R05年度学習会 ~森林生態を構成する土壌の世界~ [森林観察学習部会]
2023.6.8 6.22
22年度は前半で生物多様性についての基本的は事項について理解を深め、後半はその土台となる「土壌」と生物との関係を学びました。
23年度は焦点を少し絞り、森林生態系を構成する土壌について、理解を深めることにします。
使用テキストとして「森を支える土壌の世界」有光一登著 林業改良普及双書発行を使います。

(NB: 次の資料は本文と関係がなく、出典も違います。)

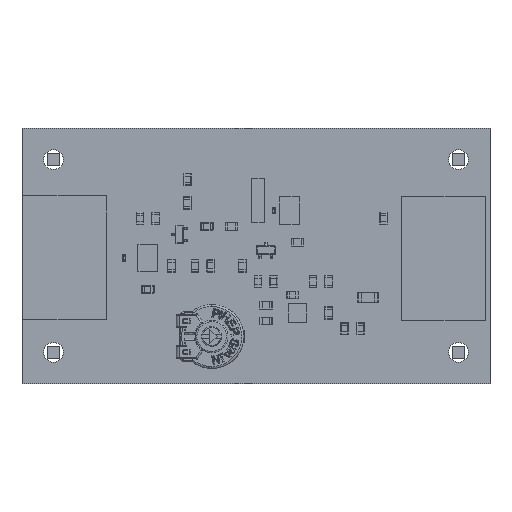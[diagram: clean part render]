
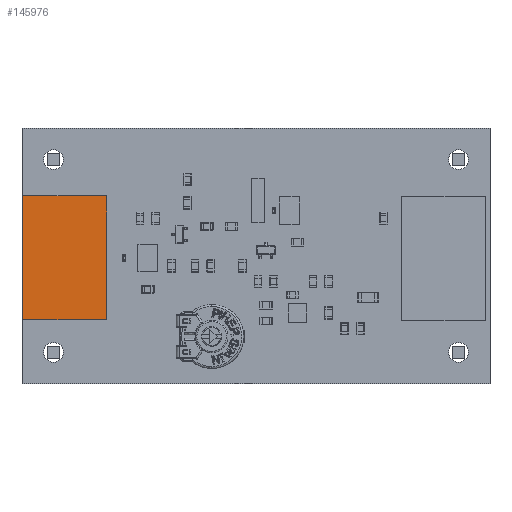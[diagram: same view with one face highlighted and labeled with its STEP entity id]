
A CAD part, top view. The second image highlights one B-rep face of the part: STEP entity #145976.
In plain terms, the highlighted planar face has unit normal (0, 0, 1).
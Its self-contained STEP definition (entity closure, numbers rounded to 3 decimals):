
#145662 = VERTEX_POINT('',#145663);
#145663 = CARTESIAN_POINT('',(-8.75,7.3,1.));
#145670 = PLANE('',#145671);
#145671 = AXIS2_PLACEMENT_3D('',#145672,#145673,#145674);
#145672 = CARTESIAN_POINT('',(-8.75,7.3,0.));
#145673 = DIRECTION('',(0.,1.,0.));
#145674 = DIRECTION('',(1.,0.,0.));
#145682 = PLANE('',#145683);
#145683 = AXIS2_PLACEMENT_3D('',#145684,#145685,#145686);
#145684 = CARTESIAN_POINT('',(-8.75,-6.25,0.));
#145685 = DIRECTION('',(-1.,0.,0.));
#145686 = DIRECTION('',(0.,1.,0.));
#145694 = EDGE_CURVE('',#145662,#145695,#145697,.T.);
#145695 = VERTEX_POINT('',#145696);
#145696 = CARTESIAN_POINT('',(11.25,7.3,1.));
#145697 = SURFACE_CURVE('',#145698,(#145702,#145709),.PCURVE_S1.);
#145698 = LINE('',#145699,#145700);
#145699 = CARTESIAN_POINT('',(-8.75,7.3,1.));
#145700 = VECTOR('',#145701,1.);
#145701 = DIRECTION('',(1.,0.,0.));
#145702 = PCURVE('',#145670,#145703);
#145703 = DEFINITIONAL_REPRESENTATION('',(#145704),#145708);
#145704 = LINE('',#145705,#145706);
#145705 = CARTESIAN_POINT('',(0.,-1.));
#145706 = VECTOR('',#145707,1.);
#145707 = DIRECTION('',(1.,0.));
#145708 = ( GEOMETRIC_REPRESENTATION_CONTEXT(2) 
PARAMETRIC_REPRESENTATION_CONTEXT() REPRESENTATION_CONTEXT('2D SPACE',''
  ) );
#145709 = PCURVE('',#145710,#145715);
#145710 = PLANE('',#145711);
#145711 = AXIS2_PLACEMENT_3D('',#145712,#145713,#145714);
#145712 = CARTESIAN_POINT('',(-8.75,7.3,1.));
#145713 = DIRECTION('',(0.,0.,1.));
#145714 = DIRECTION('',(1.,0.,0.));
#145715 = DEFINITIONAL_REPRESENTATION('',(#145716),#145720);
#145716 = LINE('',#145717,#145718);
#145717 = CARTESIAN_POINT('',(0.,0.));
#145718 = VECTOR('',#145719,1.);
#145719 = DIRECTION('',(1.,0.));
#145720 = ( GEOMETRIC_REPRESENTATION_CONTEXT(2) 
PARAMETRIC_REPRESENTATION_CONTEXT() REPRESENTATION_CONTEXT('2D SPACE',''
  ) );
#145738 = PLANE('',#145739);
#145739 = AXIS2_PLACEMENT_3D('',#145740,#145741,#145742);
#145740 = CARTESIAN_POINT('',(11.25,7.3,0.));
#145741 = DIRECTION('',(1.,0.,0.));
#145742 = DIRECTION('',(0.,-1.,0.));
#145780 = EDGE_CURVE('',#145695,#145781,#145783,.T.);
#145781 = VERTEX_POINT('',#145782);
#145782 = CARTESIAN_POINT('',(11.25,-6.25,1.));
#145783 = SURFACE_CURVE('',#145784,(#145788,#145795),.PCURVE_S1.);
#145784 = LINE('',#145785,#145786);
#145785 = CARTESIAN_POINT('',(11.25,7.3,1.));
#145786 = VECTOR('',#145787,1.);
#145787 = DIRECTION('',(0.,-1.,0.));
#145788 = PCURVE('',#145738,#145789);
#145789 = DEFINITIONAL_REPRESENTATION('',(#145790),#145794);
#145790 = LINE('',#145791,#145792);
#145791 = CARTESIAN_POINT('',(0.,-1.));
#145792 = VECTOR('',#145793,1.);
#145793 = DIRECTION('',(1.,0.));
#145794 = ( GEOMETRIC_REPRESENTATION_CONTEXT(2) 
PARAMETRIC_REPRESENTATION_CONTEXT() REPRESENTATION_CONTEXT('2D SPACE',''
  ) );
#145795 = PCURVE('',#145710,#145796);
#145796 = DEFINITIONAL_REPRESENTATION('',(#145797),#145801);
#145797 = LINE('',#145798,#145799);
#145798 = CARTESIAN_POINT('',(20.,0.));
#145799 = VECTOR('',#145800,1.);
#145800 = DIRECTION('',(0.,-1.));
#145801 = ( GEOMETRIC_REPRESENTATION_CONTEXT(2) 
PARAMETRIC_REPRESENTATION_CONTEXT() REPRESENTATION_CONTEXT('2D SPACE',''
  ) );
#145819 = PLANE('',#145820);
#145820 = AXIS2_PLACEMENT_3D('',#145821,#145822,#145823);
#145821 = CARTESIAN_POINT('',(11.25,-6.25,0.));
#145822 = DIRECTION('',(0.,-1.,0.));
#145823 = DIRECTION('',(-1.,0.,0.));
#145856 = EDGE_CURVE('',#145781,#145857,#145859,.T.);
#145857 = VERTEX_POINT('',#145858);
#145858 = CARTESIAN_POINT('',(-8.75,-6.25,1.));
#145859 = SURFACE_CURVE('',#145860,(#145864,#145871),.PCURVE_S1.);
#145860 = LINE('',#145861,#145862);
#145861 = CARTESIAN_POINT('',(11.25,-6.25,1.));
#145862 = VECTOR('',#145863,1.);
#145863 = DIRECTION('',(-1.,0.,0.));
#145864 = PCURVE('',#145819,#145865);
#145865 = DEFINITIONAL_REPRESENTATION('',(#145866),#145870);
#145866 = LINE('',#145867,#145868);
#145867 = CARTESIAN_POINT('',(0.,-1.));
#145868 = VECTOR('',#145869,1.);
#145869 = DIRECTION('',(1.,0.));
#145870 = ( GEOMETRIC_REPRESENTATION_CONTEXT(2) 
PARAMETRIC_REPRESENTATION_CONTEXT() REPRESENTATION_CONTEXT('2D SPACE',''
  ) );
#145871 = PCURVE('',#145710,#145872);
#145872 = DEFINITIONAL_REPRESENTATION('',(#145873),#145877);
#145873 = LINE('',#145874,#145875);
#145874 = CARTESIAN_POINT('',(20.,-13.55));
#145875 = VECTOR('',#145876,1.);
#145876 = DIRECTION('',(-1.,0.));
#145877 = ( GEOMETRIC_REPRESENTATION_CONTEXT(2) 
PARAMETRIC_REPRESENTATION_CONTEXT() REPRESENTATION_CONTEXT('2D SPACE',''
  ) );
#145927 = EDGE_CURVE('',#145857,#145662,#145928,.T.);
#145928 = SURFACE_CURVE('',#145929,(#145933,#145940),.PCURVE_S1.);
#145929 = LINE('',#145930,#145931);
#145930 = CARTESIAN_POINT('',(-8.75,-6.25,1.));
#145931 = VECTOR('',#145932,1.);
#145932 = DIRECTION('',(0.,1.,0.));
#145933 = PCURVE('',#145682,#145934);
#145934 = DEFINITIONAL_REPRESENTATION('',(#145935),#145939);
#145935 = LINE('',#145936,#145937);
#145936 = CARTESIAN_POINT('',(0.,-1.));
#145937 = VECTOR('',#145938,1.);
#145938 = DIRECTION('',(1.,0.));
#145939 = ( GEOMETRIC_REPRESENTATION_CONTEXT(2) 
PARAMETRIC_REPRESENTATION_CONTEXT() REPRESENTATION_CONTEXT('2D SPACE',''
  ) );
#145940 = PCURVE('',#145710,#145941);
#145941 = DEFINITIONAL_REPRESENTATION('',(#145942),#145946);
#145942 = LINE('',#145943,#145944);
#145943 = CARTESIAN_POINT('',(0.,-13.55));
#145944 = VECTOR('',#145945,1.);
#145945 = DIRECTION('',(0.,1.));
#145946 = ( GEOMETRIC_REPRESENTATION_CONTEXT(2) 
PARAMETRIC_REPRESENTATION_CONTEXT() REPRESENTATION_CONTEXT('2D SPACE',''
  ) );
#145976 = ADVANCED_FACE('',(#145977),#145710,.T.);
#145977 = FACE_BOUND('',#145978,.F.);
#145978 = EDGE_LOOP('',(#145979,#145980,#145981,#145982));
#145979 = ORIENTED_EDGE('',*,*,#145694,.T.);
#145980 = ORIENTED_EDGE('',*,*,#145780,.T.);
#145981 = ORIENTED_EDGE('',*,*,#145856,.T.);
#145982 = ORIENTED_EDGE('',*,*,#145927,.T.);

後半は森林の生態に関連した事項を取り上げ森林への理解を深めます。(テキスト等内容詳細はメンバーと相談して決める予定)
尚、講演会は2回開催所定です。
6月の学習項目は以下の通りでした。
〇6月8日
第1章 土壌と水の関わり
3話 水の浸み込みやすさを左右するA0層………井村j
4話 A0層の性状でも水の浸透能が異なる………南波
〇6月22日
第2章 土壌と森林の関わり
5話 土壌は森林生態系の大事なメンバー………池田
6話 森林土壌はまさに自然の産物………………井村e
7月の学習予定
〇7月13日
第3章 土壌の成り立ちと性質
7話 地形の地質母材も土壌をつくる……………吉田n
8話 土壌構造で土壌の種類を判定する…………吉江
〇7月27日
9話 いろいろな土壌構造の成り立ちを見る……矢崎
10話 土性と堆積状態で土壌を分ける…………黒田
毎月このコーナーでは、学習した内容から、興味深い話題を抜粋して掲載していきます。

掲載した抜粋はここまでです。